I'm not clear on what you mean by "perf/w perspective," and I won't contest that Haswell beats SB. But by how much? It looks like it's routine to get SB close to 5 GHz, Haswell, maybe 4.5 if you are lucky. So the huge performance delta is just not there, not even sure what it is, single digit percentages, maybe? That's not destruction, it's a small increment.

P.S. I'm not complaining! Just call it what it is.
 
Last edited:

CakeMonster

Golden Member
Nov 22, 2012
1,428
535
136
It looks like it's routine to get SB close to 5 GHz, Haswell, maybe 4.5 if you are lucky.

This misconception is even more common that I originally thought once the HW threads started popping up. I won't comment on expected OC on HW since it might be early to establish, but its anything but "routine" to get SB anywhere close to 5GHz.
 

crashtech

Lifer
Jan 4, 2013
10,554
2,138
146
This misconception is even more common that I originally thought once the HW threads started popping up. I won't comment on expected OC on HW since it might be early to establish, but its anything but "routine" to get SB anywhere close to 5GHz.

Speculation on both our parts. It seems clear that SBs DO overclock better, but the average speed delta is not clear.
 

BallaTheFeared

Diamond Member
Nov 15, 2010
8,115
0
71
My chip disagrees, and also people complaining about 4.4-4.5GHz on Haswell is exactly what most people got with Sandy Bridge.
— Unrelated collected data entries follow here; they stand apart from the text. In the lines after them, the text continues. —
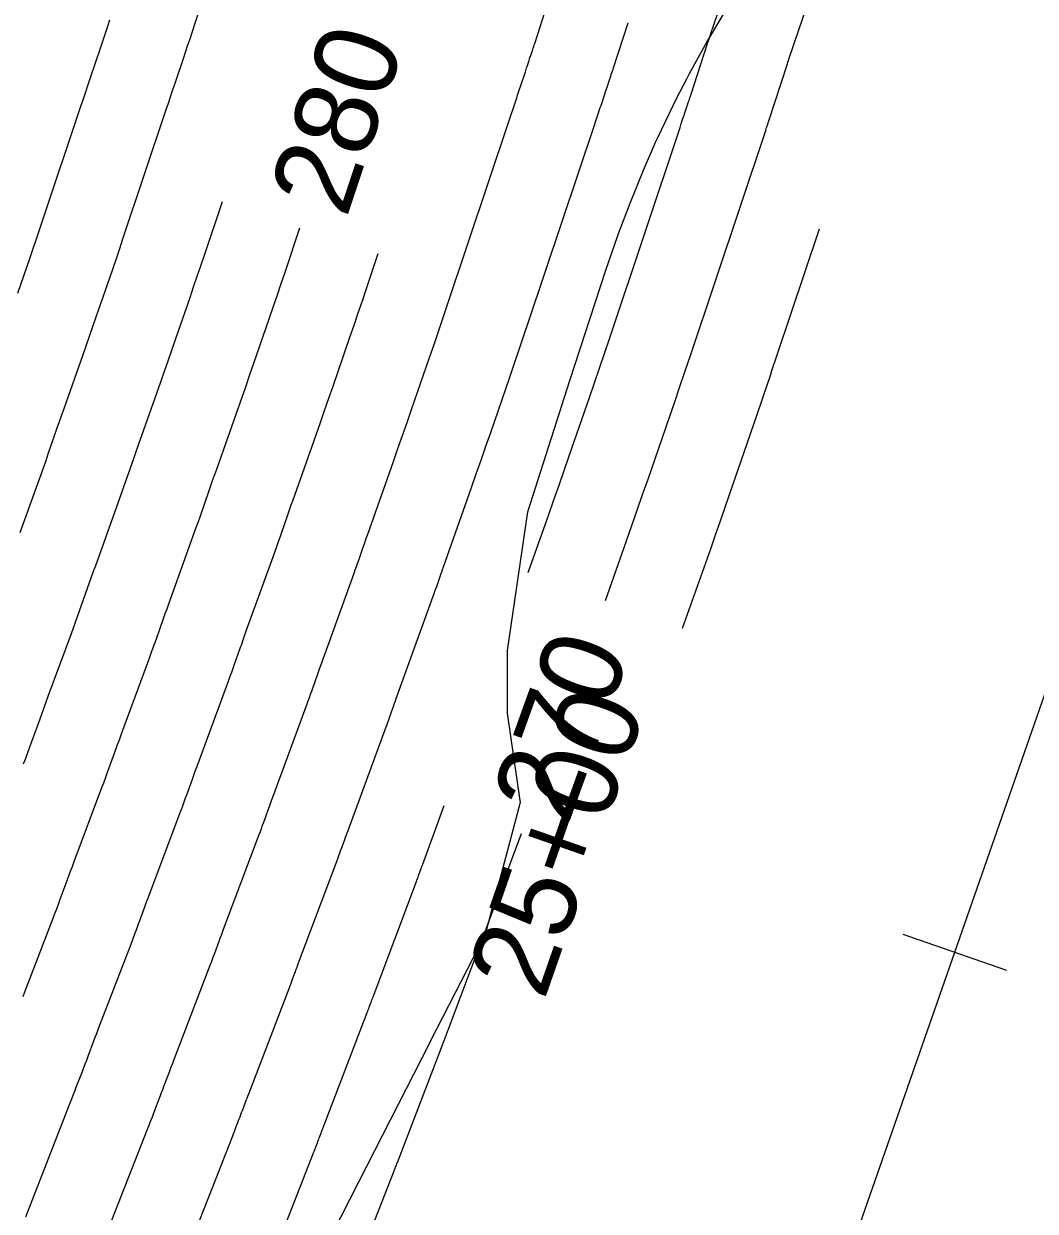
# Model space of a CAD drawing. Extents: x 1710723 to 1713003, y 548603 to 551142.
# Drawn here: x 1712368.6 to 1712442.1, y 549657.6 to 549743.8 of the extents above; entities that cross this region are included whole.
import ezdxf

# ---------------------------------------------------------------- set-up
doc = ezdxf.new("R2010")
doc.units = 0
for name, color, linetype in [('R_Contour Annot', 7, 'Continuous'), ('R_Contours', 7, 'Continuous'), ('R_Horz Alg', 7, 'Continuous'), ('R_Horz Alg Annot', 7, 'Continuous'), ('R_MOT', 7, 'Continuous')]:
    doc.layers.add(name, color=color, linetype=linetype)

msp = doc.modelspace()

# ---------------------------------------------------------------- linework, layer by layer
at = {"layer": 'R_Contours'}
for points in [[(1712405.235, 549703.958), (1712406.726, 549708.178), (1712407.099, 549709.239), (1712407.472, 549710.301), (1712407.842, 549711.363), (1712408.21, 549712.427), (1712409.681, 549716.681), (1712410.047, 549717.745), (1712410.411, 549718.809), (1712410.771, 549719.875), (1712411.13, 549720.942), (1712416.265, 549736.298), (1712416.295, 549736.386), (1712416.324, 549736.474), (1712416.354, 549736.562), (1712416.383, 549736.65), (1712416.503, 549737.005), (1712416.532, 549737.091), (1712416.561, 549737.177), (1712416.59, 549737.264), (1712416.619, 549737.35), (1712416.765, 549737.792), (1712416.778, 549737.831), (1712416.79, 549737.869), (1712416.803, 549737.908), (1712416.816, 549737.946), (1712416.866, 549738.101), (1712416.878, 549738.139), (1712416.891, 549738.178), (1712416.904, 549738.216), (1712416.917, 549738.255), (1712416.985, 549738.457), (1712417, 549738.503), (1712417.016, 549738.55), (1712417.031, 549738.596), (1712417.046, 549738.643), (1712418.265, 549742.391), (1712418.294, 549742.479), (1712418.323, 549742.567), (1712418.352, 549742.655), (1712418.381, 549742.743), (1712418.498, 549743.096), (1712418.527, 549743.184), (1712418.556, 549743.272), (1712418.585, 549743.36), (1712418.615, 549743.448), (1712420.169, 549748.069)], [(1712410.845, 549701.933), (1712412.371, 549706.254), (1712412.766, 549707.375), (1712413.158, 549708.496), (1712413.549, 549709.618), (1712413.939, 549710.741), (1712415.491, 549715.233), (1712415.878, 549716.356), (1712416.262, 549717.481), (1712416.643, 549718.606), (1712417.021, 549719.732), (1712422.489, 549736.082), (1712422.506, 549736.133), (1712422.523, 549736.185), (1712422.558, 549736.288), (1712422.567, 549736.313), (1712422.575, 549736.339), (1712422.584, 549736.364), (1712422.592, 549736.389), (1712422.638, 549736.529), (1712422.649, 549736.563), (1712422.668, 549736.619), (1712422.675, 549736.642), (1712422.699, 549736.712), (1712422.708, 549736.739), (1712422.717, 549736.766), (1712424.067, 549740.917), (1712424.077, 549740.946), (1712424.086, 549740.975), (1712424.095, 549741.004), (1712424.105, 549741.033), (1712424.143, 549741.148), (1712424.153, 549741.177), (1712424.162, 549741.205), (1712424.172, 549741.234), (1712424.181, 549741.263), (1712425.883, 549746.323)], [(1712368.31, 549706.868), (1712369.687, 549710.687), (1712369.856, 549711.158), (1712370.023, 549711.629), (1712370.189, 549712.102), (1712370.353, 549712.574), (1712371.007, 549714.467), (1712371.171, 549714.94), (1712371.336, 549715.412), (1712371.501, 549715.885), (1712371.668, 549716.357), (1712372.854, 549719.716), (1712373.102, 549720.422), (1712373.35, 549721.127), (1712373.596, 549721.833), (1712373.84, 549722.54), (1712374.818, 549725.367), (1712375.061, 549726.074), (1712375.303, 549726.781), (1712375.542, 549727.489), (1712375.78, 549728.198), (1712378.923, 549737.596), (1712379.078, 549738.058), (1712379.233, 549738.519), (1712379.388, 549738.981), (1712379.544, 549739.442), (1712380.173, 549741.304), (1712380.326, 549741.757), (1712380.478, 549742.211), (1712380.629, 549742.664), (1712380.78, 549743.118), (1712381.547, 549745.437)], [(1712374.486, 549655.659), (1712377.829, 549664.205), (1712377.914, 549664.423), (1712377.999, 549664.641), (1712378.084, 549664.86), (1712378.168, 549665.079), (1712378.508, 549665.965), (1712378.589, 549666.178), (1712378.67, 549666.391), (1712378.751, 549666.605), (1712378.832, 549666.819), (1712379.153, 549667.673), (1712379.233, 549667.887), (1712379.314, 549668.101), (1712379.395, 549668.314), (1712379.477, 549668.527), (1712382.121, 549675.423), (1712382.204, 549675.64), (1712382.286, 549675.857), (1712382.367, 549676.074), (1712382.448, 549676.292), (1712382.769, 549677.164), (1712382.849, 549677.382), (1712382.93, 549677.6), (1712383.011, 549677.818), (1712383.093, 549678.035), (1712385.68, 549684.918), (1712385.764, 549685.144), (1712385.847, 549685.369), (1712385.93, 549685.595), (1712386.012, 549685.821), (1712386.339, 549686.726), (1712386.42, 549686.952), (1712386.502, 549687.178), (1712386.585, 549687.404), (1712386.668, 549687.63), (1712389.166, 549694.414), (1712389.251, 549694.646), (1712389.335, 549694.877), (1712389.418, 549695.108), (1712389.5, 549695.34), (1712389.828, 549696.269), (1712389.91, 549696.5), (1712389.993, 549696.732), (1712390.075, 549696.964), (1712390.159, 549697.196), (1712392.582, 549703.914), (1712392.666, 549704.149), (1712392.75, 549704.385), (1712392.833, 549704.62), (1712392.915, 549704.856), (1712393.241, 549705.8), (1712393.323, 549706.036), (1712393.405, 549706.272), (1712393.487, 549706.507), (1712393.57, 549706.743), (1712395.435, 549712.024), (1712395.767, 549712.966), (1712396.098, 549713.91), (1712396.426, 549714.853), (1712396.754, 549715.798), (1712398.06, 549719.576), (1712398.385, 549720.521), (1712398.708, 549721.467), (1712399.028, 549722.413), (1712399.347, 549723.361), (1712403.818, 549736.731), (1712403.889, 549736.943), (1712403.96, 549737.156), (1712404.032, 549737.368), (1712404.104, 549737.581), (1712404.393, 549738.438), (1712404.464, 549738.646), (1712404.534, 549738.855), (1712404.603, 549739.064), (1712404.673, 549739.273), (1712405.026, 549740.341), (1712405.056, 549740.434), (1712405.087, 549740.527), (1712405.117, 549740.62), (1712405.148, 549740.713), (1712405.269, 549741.086), (1712405.3, 549741.179), (1712405.33, 549741.273), (1712405.361, 549741.366), (1712405.392, 549741.459), (1712405.556, 549741.947), (1712405.594, 549742.059), (1712405.631, 549742.171), (1712405.669, 549742.284), (1712405.705, 549742.396), (1712406.662, 549745.337)], [(1712374.807, 549744.079), (1712374.636, 549743.564), (1712374.464, 549743.049), (1712374.292, 549742.535), (1712374.118, 549742.021), (1712373.404, 549739.908), (1712373.227, 549739.384), (1712373.051, 549738.86), (1712372.875, 549738.336), (1712372.699, 549737.812), (1712369.889, 549729.408), (1712369.671, 549728.759), (1712369.451, 549728.11), (1712369.23, 549727.462), (1712369.007, 549726.814), (1712368.112, 549724.225)], [(1712412.464, 549743.864), (1712411.376, 549740.52), (1712411.35, 549740.44), (1712411.324, 549740.361), (1712411.297, 549740.281), (1712411.271, 549740.202), (1712411.155, 549739.857), (1712411.133, 549739.791), (1712411.111, 549739.725), (1712411.089, 549739.659), (1712411.067, 549739.594), (1712410.982, 549739.33), (1712410.96, 549739.264), (1712410.939, 549739.198), (1712410.917, 549739.132), (1712410.895, 549739.066), (1712410.646, 549738.312), (1712410.597, 549738.164), (1712410.548, 549738.016), (1712410.498, 549737.869), (1712410.448, 549737.721), (1712410.243, 549737.115), (1712410.193, 549736.965), (1712410.142, 549736.815), (1712410.092, 549736.665), (1712410.041, 549736.515), (1712405.238, 549722.151), (1712404.9, 549721.144), (1712404.559, 549720.138), (1712404.216, 549719.133), (1712403.87, 549718.128), (1712402.482, 549714.112), (1712402.134, 549713.108), (1712401.785, 549712.105), (1712401.433, 549711.103), (1712401.08, 549710.101), (1712399.046, 549704.339), (1712398.984, 549704.163), (1712398.922, 549703.986), (1712398.86, 549703.81), (1712398.799, 549703.633), (1712398.555, 549702.926), (1712398.494, 549702.75), (1712398.432, 549702.573), (1712398.369, 549702.397), (1712398.306, 549702.221), (1712395.621, 549694.777), (1712395.559, 549694.606), (1712395.498, 549694.434), (1712395.437, 549694.262), (1712395.376, 549694.09), (1712395.133, 549693.402), (1712395.072, 549693.23), (1712395.01, 549693.059), (1712394.948, 549692.887), (1712394.885, 549692.716), (1712392.115, 549685.194), (1712392.055, 549685.029), (1712391.995, 549684.864), (1712391.935, 549684.699), (1712391.875, 549684.534), (1712391.636, 549683.873), (1712391.577, 549683.708), (1712391.516, 549683.543), (1712391.455, 549683.378), (1712391.394, 549683.213), (1712388.524, 549675.577), (1712388.466, 549675.421), (1712388.408, 549675.266), (1712388.35, 549675.11), (1712388.292, 549674.954), (1712388.063, 549674.331), (1712388.005, 549674.175), (1712387.947, 549674.02), (1712387.888, 549673.864), (1712387.829, 549673.709), (1712384.892, 549666.05), (1712384.835, 549665.9), (1712384.777, 549665.749), (1712384.72, 549665.599), (1712384.664, 549665.448), (1712384.437, 549664.846), (1712384.381, 549664.696), (1712384.324, 549664.545), (1712384.267, 549664.395), (1712384.209, 549664.245), (1712383.97, 549663.62), (1712383.91, 549663.466), (1712383.851, 549663.312), (1712383.791, 549663.159), (1712383.731, 549663.005), (1712380.287, 549654.199)], [(1712382.98, 549730.899), (1712381.672, 549726.989), (1712381.414, 549726.22), (1712381.154, 549725.453), (1712380.892, 549724.685), (1712380.628, 549723.919), (1712379.569, 549720.854), (1712379.303, 549720.088), (1712379.037, 549719.323), (1712378.769, 549718.558), (1712378.499, 549717.793), (1712377.143, 549713.953), (1712376.998, 549713.54), (1712376.853, 549713.127), (1712376.709, 549712.714), (1712376.566, 549712.3), (1712375.994, 549710.645), (1712375.85, 549710.231), (1712375.705, 549709.818), (1712375.558, 549709.406), (1712375.41, 549708.993), (1712373.772, 549704.45), (1712373.624, 549704.039), (1712373.477, 549703.627), (1712373.33, 549703.216), (1712373.184, 549702.804), (1712372.602, 549701.155), (1712372.456, 549700.743), (1712372.308, 549700.331), (1712372.159, 549699.921), (1712372.009, 549699.51), (1712370.325, 549694.939), (1712370.175, 549694.53), (1712370.026, 549694.122), (1712369.878, 549693.713), (1712369.73, 549693.304), (1712369.139, 549691.667), (1712368.991, 549691.258), (1712368.841, 549690.849), (1712368.69, 549690.441), (1712368.538, 549690.034)], [(1712368.517, 549673.142), (1712368.647, 549673.481), (1712370.705, 549678.849), (1712370.835, 549679.19), (1712370.964, 549679.531), (1712371.092, 549679.873), (1712371.218, 549680.215), (1712371.722, 549681.584), (1712371.849, 549681.926), (1712371.976, 549682.268), (1712372.103, 549682.61), (1712372.231, 549682.952), (1712374.252, 549688.329), (1712374.382, 549688.676), (1712374.51, 549689.023), (1712374.637, 549689.37), (1712374.764, 549689.718), (1712375.266, 549691.111), (1712375.392, 549691.459), (1712375.518, 549691.807), (1712375.645, 549692.155), (1712375.773, 549692.502), (1712377.728, 549697.812), (1712377.856, 549698.162), (1712377.984, 549698.513), (1712378.11, 549698.865), (1712378.235, 549699.217), (1712378.732, 549700.625), (1712378.857, 549700.977), (1712378.982, 549701.329), (1712379.108, 549701.681), (1712379.234, 549702.032), (1712381.134, 549707.3), (1712381.261, 549707.653), (1712381.387, 549708.007), (1712381.511, 549708.361), (1712381.634, 549708.715), (1712382.124, 549710.133), (1712382.247, 549710.488), (1712382.37, 549710.842), (1712382.494, 549711.196), (1712382.619, 549711.55), (1712384.145, 549715.87), (1712384.435, 549716.694), (1712384.724, 549717.518), (1712385.011, 549718.343), (1712385.297, 549719.169), (1712386.439, 549722.471), (1712386.723, 549723.297), (1712387.005, 549724.124), (1712387.285, 549724.951), (1712387.563, 549725.78), (1712388.643, 549729.008)], [(1712416.454, 549699.908), (1712418.136, 549704.669), (1712418.492, 549705.68), (1712418.846, 549706.692), (1712419.199, 549707.704), (1712419.55, 549708.717), (1712421.875, 549715.444), (1712421.997, 549715.797), (1712422.117, 549716.151), (1712422.237, 549716.505), (1712422.356, 549716.859), (1712422.83, 549718.277), (1712422.949, 549718.631), (1712423.068, 549718.986), (1712423.187, 549719.34), (1712423.306, 549719.694), (1712426.413, 549728.92)], [(1712394.307, 549727.118), (1712393.455, 549724.57), (1712393.157, 549723.682), (1712392.857, 549722.795), (1712392.554, 549721.909), (1712392.249, 549721.024), (1712391.025, 549717.483), (1712390.719, 549716.598), (1712390.411, 549715.714), (1712390.101, 549714.83), (1712389.79, 549713.947), (1712388.095, 549709.146), (1712387.991, 549708.852), (1712387.887, 549708.557), (1712387.785, 549708.262), (1712387.682, 549707.967), (1712387.274, 549706.786), (1712387.172, 549706.49), (1712387.068, 549706.196), (1712386.964, 549705.901), (1712386.858, 549705.607), (1712384.696, 549699.614), (1712384.592, 549699.322), (1712384.487, 549699.031), (1712384.383, 549698.739), (1712384.28, 549698.447), (1712383.867, 549697.279), (1712383.764, 549696.987), (1712383.659, 549696.695), (1712383.554, 549696.404), (1712383.447, 549696.113), (1712381.22, 549690.066), (1712381.115, 549689.78), (1712381.01, 549689.493), (1712380.906, 549689.206), (1712380.802, 549688.919), (1712380.388, 549687.77), (1712380.284, 549687.483), (1712380.179, 549687.196), (1712380.073, 549686.91), (1712379.966, 549686.624), (1712377.662, 549680.493), (1712377.557, 549680.214), (1712377.453, 549679.934), (1712377.349, 549679.654), (1712377.246, 549679.374), (1712376.833, 549678.254), (1712376.73, 549677.974), (1712376.625, 549677.694), (1712376.519, 549677.415), (1712376.413, 549677.136), (1712374.062, 549671.004), (1712373.956, 549670.728), (1712373.851, 549670.452), (1712373.746, 549670.175), (1712373.642, 549669.898), (1712373.226, 549668.791), (1712373.122, 549668.514), (1712373.017, 549668.237), (1712372.912, 549667.961), (1712372.806, 549667.685), (1712372.366, 549666.537), (1712372.257, 549666.253), (1712372.147, 549665.97), (1712372.037, 549665.687), (1712371.927, 549665.404), (1712368.686, 549657.119)], [(1712386.087, 549652.739), (1712389.633, 549661.805), (1712389.668, 549661.894), (1712389.703, 549661.984), (1712389.737, 549662.073), (1712389.772, 549662.162), (1712389.911, 549662.525), (1712389.944, 549662.612), (1712389.977, 549662.699), (1712390.01, 549662.787), (1712390.043, 549662.874), (1712390.175, 549663.224), (1712390.208, 549663.311), (1712390.241, 549663.398), (1712390.274, 549663.486), (1712390.307, 549663.573), (1712393.537, 549671.996), (1712393.573, 549672.089), (1712393.608, 549672.183), (1712393.643, 549672.276), (1712393.678, 549672.37), (1712393.815, 549672.744), (1712393.85, 549672.838), (1712393.885, 549672.932), (1712393.92, 549673.025), (1712393.955, 549673.118), (1712397.108, 549681.508), (1712397.146, 549681.612), (1712397.185, 549681.716), (1712397.223, 549681.82), (1712397.261, 549681.924), (1712397.411, 549682.341), (1712397.449, 549682.445), (1712397.487, 549682.549), (1712397.525, 549682.654), (1712397.563, 549682.758), (1712399.134, 549687.023)], [(1712391.887, 549651.279), (1712395.535, 549660.605), (1712395.545, 549660.63), (1712395.555, 549660.655), (1712395.564, 549660.68), (1712395.574, 549660.704), (1712395.612, 549660.805), (1712395.622, 549660.829), (1712395.631, 549660.853), (1712395.64, 549660.878), (1712395.649, 549660.902), (1712395.685, 549660.999), (1712395.695, 549661.023), (1712395.704, 549661.047), (1712395.713, 549661.071), (1712395.722, 549661.096), (1712399.245, 549670.283), (1712399.257, 549670.314), (1712399.269, 549670.345), (1712399.281, 549670.377), (1712399.292, 549670.408), (1712399.339, 549670.534), (1712399.35, 549670.566), (1712399.362, 549670.597), (1712399.374, 549670.629), (1712399.386, 549670.66), (1712402.822, 549679.803), (1712402.838, 549679.846), (1712402.854, 549679.889), (1712402.869, 549679.932), (1712402.885, 549679.976), (1712402.947, 549680.149), (1712402.963, 549680.192), (1712402.979, 549680.235), (1712402.995, 549680.278), (1712403.01, 549680.321), (1712404.734, 549685.002)]]:
    msp.add_lwpolyline(points, dxfattribs=at)
at = {"layer": 'R_Horz Alg'}
msp.add_line((1712378.285, 549510.238), (1712448.881, 549712.659), dxfattribs=at)
at = {"layer": 'R_Horz Alg Annot'}
msp.add_lwpolyline([(1712432.449, 549677.69), (1712440.003, 549675.056)], dxfattribs=at)
at = {"layer": 'R_MOT'}
msp.add_lwpolyline([(1712388.348, 549650.708), (1712392.929, 549659.701), (1712397.519, 549668.691), (1712398.593, 549670.793), (1712402.116, 549677.678), (1712404.673, 549687.281), (1712404.658, 549687.383), (1712403.721, 549693.736), (1712403.731, 549698.296), (1712405.194, 549708.377), (1712408.263, 549717.897), (1712410.876, 549725.913), (1712411.719, 549728.361), (1712411.805, 549728.598), (1712412.634, 549730.784), (1712413.616, 549733.181), (1712414.518, 549735.266), (1712414.652, 549735.558), (1712415.771, 549737.899), (1712416.02, 549738.395), (1712416.761, 549739.832), (1712416.96, 549740.207), (1712418.217, 549742.479), (1712419.543, 549744.714)], dxfattribs=at)

# ---------------------------------------------------------------- texts
at = {"layer": 'R_Contour Annot'}
for s, rotation, p in [('280', 71.5417, (1712392.012, 549729.627)), ('270', 70.15392, (1712408.117, 549685.539))]:
    msp.add_text(s, height=6, rotation=rotation, dxfattribs=at).set_placement(p)
at = {"layer": 'R_Horz Alg Annot'}
msp.add_text('25+00', height=6, rotation=70.7734, dxfattribs=at).set_placement((1712406.384, 549672.796))

doc.saveas('drawing.dxf')

Those who get the best/worst chips speak the loudest.

And what I mean is OC vs OC Haswell completely trashes SB in perf/w, it's not even close.
 
Last edited:

crashtech

Lifer
Jan 4, 2013
10,554
2,138
146
Oh, watts. OK. The added efficiency has not resulted in better thermals, though.

I guess if I end up buying a Haswell, I'll join the rah-rah club. Just not today.
 

john3850

Golden Member
Oct 19, 2002
1,436
21
81
My sb is at 4700 and my ib is at 4500 I wont buy a Haswell to run at 4300.
With every new cpu your ipc goes up but your top speed goes down.
If you push it most sb hit 5000 while most ib hit 4.7
 

BadThad

Lifer
Feb 22, 2000
12,095
47
91
The Intel Conroe CPUs were introduced in 2006. By that Intel moved from the old Netburst to the new Core uarch generation. It was a revolutionary change in the design of their CPUs.

Since then we've basically only seen incremental improvements of the Core uarch generation (going from Conroe->...->Haswell).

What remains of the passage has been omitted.